§ Exercise:
Look for the word "Volt" in the entries below, then copy every line that has it.

Stored items
+++

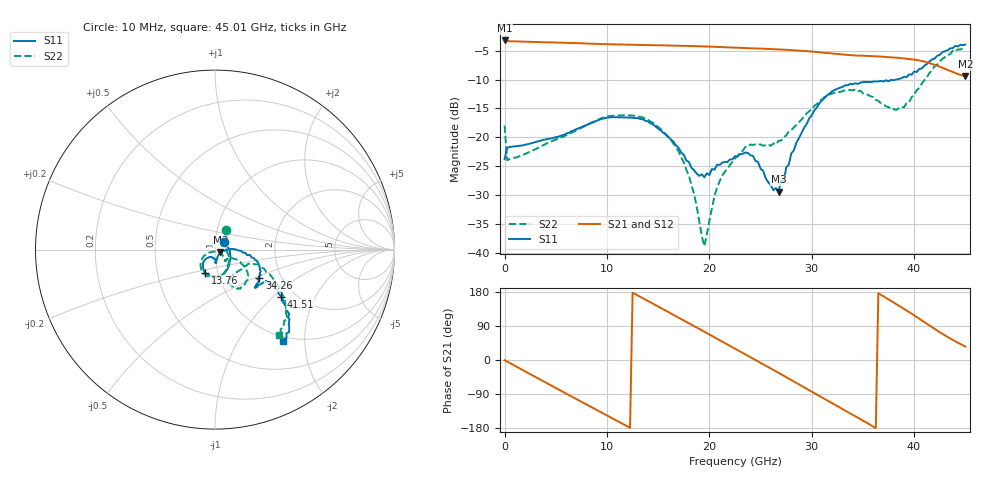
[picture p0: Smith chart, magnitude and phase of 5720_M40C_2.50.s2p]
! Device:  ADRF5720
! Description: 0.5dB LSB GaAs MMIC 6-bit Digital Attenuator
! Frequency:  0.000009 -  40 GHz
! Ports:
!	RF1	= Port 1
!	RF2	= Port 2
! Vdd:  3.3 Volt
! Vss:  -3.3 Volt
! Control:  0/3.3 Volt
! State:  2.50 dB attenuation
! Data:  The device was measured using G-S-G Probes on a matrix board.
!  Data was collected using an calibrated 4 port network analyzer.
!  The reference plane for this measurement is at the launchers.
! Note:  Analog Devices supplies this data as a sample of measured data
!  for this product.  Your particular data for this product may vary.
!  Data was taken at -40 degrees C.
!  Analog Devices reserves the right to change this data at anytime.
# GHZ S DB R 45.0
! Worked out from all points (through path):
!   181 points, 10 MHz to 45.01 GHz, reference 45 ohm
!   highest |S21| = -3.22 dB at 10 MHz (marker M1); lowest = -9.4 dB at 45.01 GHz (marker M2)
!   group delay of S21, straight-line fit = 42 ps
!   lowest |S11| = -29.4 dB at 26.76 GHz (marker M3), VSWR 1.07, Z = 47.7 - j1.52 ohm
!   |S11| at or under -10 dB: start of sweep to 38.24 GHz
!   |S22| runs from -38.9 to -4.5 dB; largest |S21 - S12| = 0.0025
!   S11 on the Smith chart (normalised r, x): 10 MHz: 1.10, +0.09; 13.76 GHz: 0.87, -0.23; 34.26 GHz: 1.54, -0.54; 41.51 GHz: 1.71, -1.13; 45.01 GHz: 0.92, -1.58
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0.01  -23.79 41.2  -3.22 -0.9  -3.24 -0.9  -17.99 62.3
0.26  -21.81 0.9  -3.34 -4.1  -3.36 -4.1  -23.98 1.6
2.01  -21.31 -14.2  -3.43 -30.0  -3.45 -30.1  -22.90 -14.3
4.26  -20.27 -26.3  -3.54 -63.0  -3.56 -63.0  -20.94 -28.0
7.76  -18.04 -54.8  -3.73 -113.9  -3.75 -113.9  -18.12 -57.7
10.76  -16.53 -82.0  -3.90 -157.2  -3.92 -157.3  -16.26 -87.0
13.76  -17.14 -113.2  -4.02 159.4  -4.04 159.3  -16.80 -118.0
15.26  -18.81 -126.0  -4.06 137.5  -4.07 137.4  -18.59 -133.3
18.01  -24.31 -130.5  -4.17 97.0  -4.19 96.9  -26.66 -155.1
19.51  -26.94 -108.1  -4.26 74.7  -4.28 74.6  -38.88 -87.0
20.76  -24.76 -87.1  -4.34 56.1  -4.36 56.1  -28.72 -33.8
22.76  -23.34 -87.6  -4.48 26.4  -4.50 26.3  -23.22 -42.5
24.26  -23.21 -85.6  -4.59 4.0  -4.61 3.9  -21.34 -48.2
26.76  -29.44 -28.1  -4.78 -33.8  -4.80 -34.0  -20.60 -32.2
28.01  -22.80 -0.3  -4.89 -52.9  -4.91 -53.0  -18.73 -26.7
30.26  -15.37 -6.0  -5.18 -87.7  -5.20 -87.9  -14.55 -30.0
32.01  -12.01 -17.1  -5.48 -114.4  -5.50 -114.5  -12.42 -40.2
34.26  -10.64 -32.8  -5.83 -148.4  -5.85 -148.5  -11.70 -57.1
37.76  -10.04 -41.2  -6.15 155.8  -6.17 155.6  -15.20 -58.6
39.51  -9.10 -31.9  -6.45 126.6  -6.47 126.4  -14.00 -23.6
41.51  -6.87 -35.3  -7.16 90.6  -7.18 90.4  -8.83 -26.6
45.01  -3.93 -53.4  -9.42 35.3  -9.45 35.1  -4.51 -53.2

+++

§ Response to this exercise:
! Vdd:  3.3 Volt
! Vss:  -3.3 Volt
! Control:  0/3.3 Volt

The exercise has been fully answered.